ヴォーカリストがフィリピン出身のアーネル・ピネダに代わった新生ジャーニーの新譜、日本盤がようやく出ました。輸入盤は6月に出ていたので、60年代の日本と海外の時差を思わせるタイムラグは、まったく腹立たしい限りです。
(そうは言っても、出ただけでも感謝しなければ・・とは思いますが・・)
先代ヴォーカリストのスティーヴ・オウジェリーは大好きでした。スティーヴ・ペリーと遜色のないあまりもの激似ぶりに感心することしきりでしたが、アーネル・ピネダも同様、スティーヴ・ペリー時代を知ってる人の期待を裏切らない同タイプのヴォーカリストです。長いロックの歴史で、3人続けて似た声質の人物がリード・ヴォーカルに収まるのは初めてではないでしょうか?(厳密に言うと間にもう1人いたんですが、スタジオ録音を残せませんでしたしね・・)
肝心の内容ですが、ここしばらくAOR路線か、新機軸とか言って印象に残らないアルバムが続いていたので、ロック色の強いジャーニーらしいアルバムという意味では、それこそ「フロンティアーズ」以来では?

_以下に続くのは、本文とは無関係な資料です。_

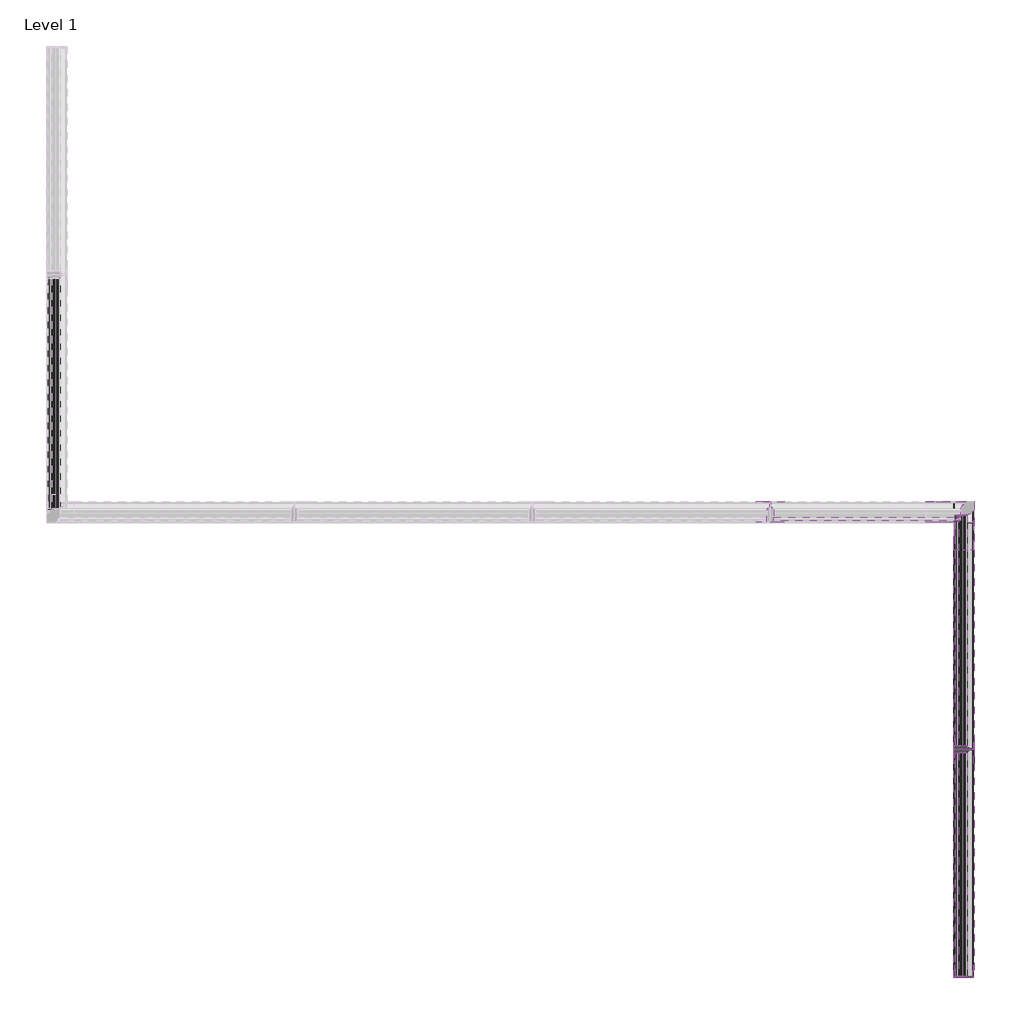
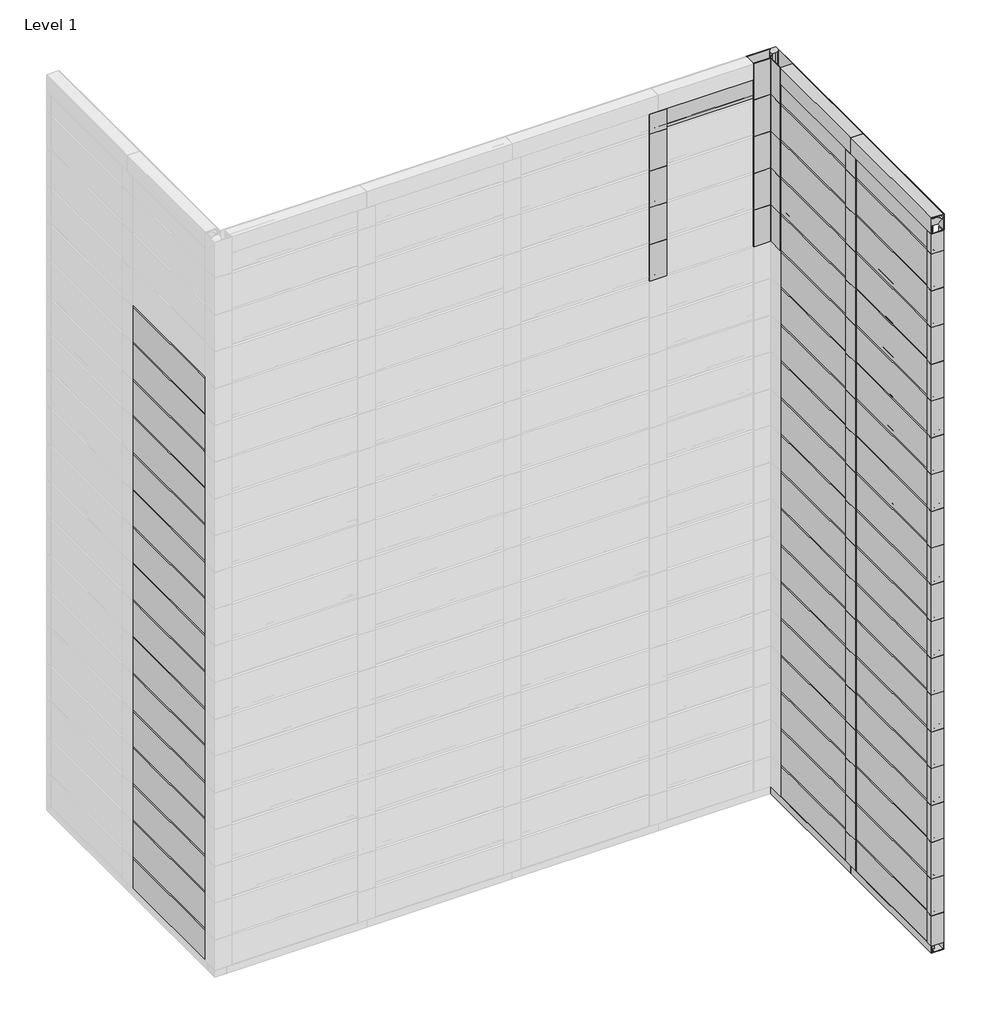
# One storey, part 3 of 6: 74 members, 57 plates.
"""IFC4 building model written with IfcOpenShell, lengths in millimetres."""

from ifc_helpers import new_model, si_unit, origin, place, context, project, spatial, transform, mapped, element, save
from components import rectangular_mullion_fastplank_2_piece_j_trim_top_531f61c0, rectangular_mullion_fastplank_2_piece_j_trim_top_b86e618e, rectangular_mullion_fastplank_2_piece_vertical_trim_b75c35a9, rectangular_mullion_fastplank_2_piece_vertical_trim_79bc82f4, rectangular_mullion_fastplank_2_piece_vertical_trim_40761718, rectangular_mullion_fastplank_general_j_vertical_left_b64c980b, rectangular_mullion_fastplank_general_j_vertical_left_273b95fd, rectangular_mullion_fastplank_general_j_vertical_left_96186454, rectangular_mullion_fastplank_inner_corner_trim_left_b16e904a, rectangular_mullion_fastplank_inner_corner_trim_left_50cadcd8, rectangular_mullion_fastplank_inner_corner_trim_left_bd85acba, rectangular_mullion_fastplank_perforated_starter_j_trim_21be3d7d, rectangular_mullion_fastplank_perforated_starter_j_trim_60d219b5, plate_624bdc6f, plate_11fa783c, plate_9753ce40, plate_9c8115fe, plate_c607dbfb, plate_67973d0f

model = new_model("IFC4")

# Units and contexts
model_context = context("Model", 3, world=origin())
ifc_project = project(units=[si_unit("LENGTHUNIT", "METRE", prefix="MILLI")], contexts=[model_context])

# Site, building, storey
site = spatial("IfcSite", under=ifc_project)
building = spatial("IfcBuilding", under=site)
storey = spatial("IfcBuildingStorey", under=building, Name="Level 1", Elevation=0.0)

# Members
placement = place(None, origin())
rectangular_mullion_fastplank_2_piece_j_trim_top_shape = rectangular_mullion_fastplank_2_piece_j_trim_top_531f61c0(model_context)
element("IfcMember", 1, ObjectType="Rectangular Mullion : FastPlank_2-Piece-J-Trim-Top", at=placement, inside=storey, context=model_context, shape_type="MappedRepresentation", body=[
    mapped(rectangular_mullion_fastplank_2_piece_j_trim_top_shape, transform((-545.8304619, 1194.7788688, 2032.0), x_axis=(0.0, 0.0, 1.0), y_axis=(-1.0, 0.0, 0.0), z_axis=(0.0, -1.0, 0.0))),
])
rectangular_mullion_fastplank_2_piece_j_trim_top_2_shape = rectangular_mullion_fastplank_2_piece_j_trim_top_b86e618e(model_context)
element("IfcMember", 2, ObjectType="Rectangular Mullion : FastPlank_2-Piece-J-Trim-Top", at=placement, inside=storey, context=model_context, shape_type="MappedRepresentation", body=[
    mapped(rectangular_mullion_fastplank_2_piece_j_trim_top_2_shape, transform((-545.8304619, 1559.8945344, 2032.0), x_axis=(0.0, 0.0, 1.0), y_axis=(-1.0, 0.0, 0.0), z_axis=(0.0, -1.0, 0.0))),
])
rectangular_mullion_fastplank_2_piece_vertical_trim_shape = rectangular_mullion_fastplank_2_piece_vertical_trim_b75c35a9(model_context)
element("IfcMember", 3, ObjectType="Rectangular Mullion : FastPlank_2-Piece-Vertical-Trim", at=placement, inside=storey, context=model_context, shape_type="MappedRepresentation", body=[
    mapped(rectangular_mullion_fastplank_2_piece_vertical_trim_shape, transform((-861.085698, 1944.9134647, 1525.3000189), x_axis=(1.0, 0.0, 0.0), y_axis=(0.0, -1.0, 0.0), z_axis=(0.0, 0.0, -1.0))),
])
element("IfcMember", 4, ObjectType="Rectangular Mullion : FastPlank_2-Piece-Vertical-Trim", at=placement, inside=storey, context=model_context, shape_type="MappedRepresentation", body=[
    mapped(rectangular_mullion_fastplank_2_piece_vertical_trim_shape, transform((-861.085698, 1944.9134647, 1626.9000189), x_axis=(1.0, 0.0, 0.0), y_axis=(0.0, -1.0, 0.0), z_axis=(0.0, 0.0, -1.0))),
])
element("IfcMember", 5, ObjectType="Rectangular Mullion : FastPlank_2-Piece-Vertical-Trim", at=placement, inside=storey, context=model_context, shape_type="MappedRepresentation", body=[
    mapped(rectangular_mullion_fastplank_2_piece_vertical_trim_shape, transform((-861.085698, 1944.9134647, 1728.5000189), x_axis=(1.0, 0.0, 0.0), y_axis=(0.0, -1.0, 0.0), z_axis=(0.0, 0.0, -1.0))),
])
element("IfcMember", 6, ObjectType="Rectangular Mullion : FastPlank_2-Piece-Vertical-Trim", at=placement, inside=storey, context=model_context, shape_type="MappedRepresentation", body=[
    mapped(rectangular_mullion_fastplank_2_piece_vertical_trim_shape, transform((-861.085698, 1944.9134647, 1830.1000189), x_axis=(1.0, 0.0, 0.0), y_axis=(0.0, -1.0, 0.0), z_axis=(0.0, 0.0, -1.0))),
])
element("IfcMember", 7, ObjectType="Rectangular Mullion : FastPlank_2-Piece-Vertical-Trim", at=placement, inside=storey, context=model_context, shape_type="MappedRepresentation", body=[
    mapped(rectangular_mullion_fastplank_2_piece_vertical_trim_shape, transform((-545.8304619, 1559.8945344, 102.9000189), x_axis=(0.0, -1.0, 0.0), y_axis=(-1.0, 0.0, 0.0), z_axis=(0.0, 0.0, -1.0))),
])
element("IfcMember", 8, ObjectType="Rectangular Mullion : FastPlank_2-Piece-Vertical-Trim", at=placement, inside=storey, context=model_context, shape_type="MappedRepresentation", body=[
    mapped(rectangular_mullion_fastplank_2_piece_vertical_trim_shape, transform((-545.8304619, 1559.8945344, 204.5000189), x_axis=(0.0, -1.0, 0.0), y_axis=(-1.0, 0.0, 0.0), z_axis=(0.0, 0.0, -1.0))),
])
element("IfcMember", 9, ObjectType="Rectangular Mullion : FastPlank_2-Piece-Vertical-Trim", at=placement, inside=storey, context=model_context, shape_type="MappedRepresentation", body=[
    mapped(rectangular_mullion_fastplank_2_piece_vertical_trim_shape, transform((-545.8304619, 1559.8945344, 306.1000189), x_axis=(0.0, -1.0, 0.0), y_axis=(-1.0, 0.0, 0.0), z_axis=(0.0, 0.0, -1.0))),
])
element("IfcMember", 10, ObjectType="Rectangular Mullion : FastPlank_2-Piece-Vertical-Trim", at=placement, inside=storey, context=model_context, shape_type="MappedRepresentation", body=[
    mapped(rectangular_mullion_fastplank_2_piece_vertical_trim_shape, transform((-545.8304619, 1559.8945344, 407.7000189), x_axis=(0.0, -1.0, 0.0), y_axis=(-1.0, 0.0, 0.0), z_axis=(0.0, 0.0, -1.0))),
])
element("IfcMember", 11, ObjectType="Rectangular Mullion : FastPlank_2-Piece-Vertical-Trim", at=placement, inside=storey, context=model_context, shape_type="MappedRepresentation", body=[
    mapped(rectangular_mullion_fastplank_2_piece_vertical_trim_shape, transform((-545.8304619, 1559.8945344, 509.3000189), x_axis=(0.0, -1.0, 0.0), y_axis=(-1.0, 0.0, 0.0), z_axis=(0.0, 0.0, -1.0))),
])
element("IfcMember", 12, ObjectType="Rectangular Mullion : FastPlank_2-Piece-Vertical-Trim", at=placement, inside=storey, context=model_context, shape_type="MappedRepresentation", body=[
    mapped(rectangular_mullion_fastplank_2_piece_vertical_trim_shape, transform((-545.8304619, 1559.8945344, 610.9000189), x_axis=(0.0, -1.0, 0.0), y_axis=(-1.0, 0.0, 0.0), z_axis=(0.0, 0.0, -1.0))),
])
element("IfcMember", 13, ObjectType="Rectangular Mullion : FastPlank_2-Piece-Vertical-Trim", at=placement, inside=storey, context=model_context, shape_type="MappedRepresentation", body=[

1曲目の「新たなる旅路(Never Walk Away)」は、見事の一言に尽きます。全盛時の名曲と並べても全く問題がない素晴らしい曲です。これ1曲だけでも買う価値はありますよ。メロディアスハードのお手本みたいな曲ですな。
残念ながら、この曲と同レベルで良い曲は無いですが、他の曲も全般的に十分合格点をあげて良いでしょう。キーボードのイントロが印象的な「失われた愛の導(Where Did I Lose Your Love)」や、ジョナサン・ケインらしいバラード「アフター・オール・ディーズ・イヤーズ」などは、やはりいいです。それとニール・ショーンのギターの感じが、ちょっと変わったような・・いい意味で荒々しく聞こえます。
2枚組仕様のこの作品、もう1枚はアーネルが歌った過去の名曲のリメイクベスト。アレンジに大きな違いはなく、安心して聞けますが、どうせならアレンジ変えて欲しかった・・。あまり意味の感じない作品ですね。初めてジャーニーを聞く人にはいいですけど・・
ところで、ビルボード・チャート最高5位になったって聞いたけど本当?ロックチャートとかそういう限定されたチャートではなくて?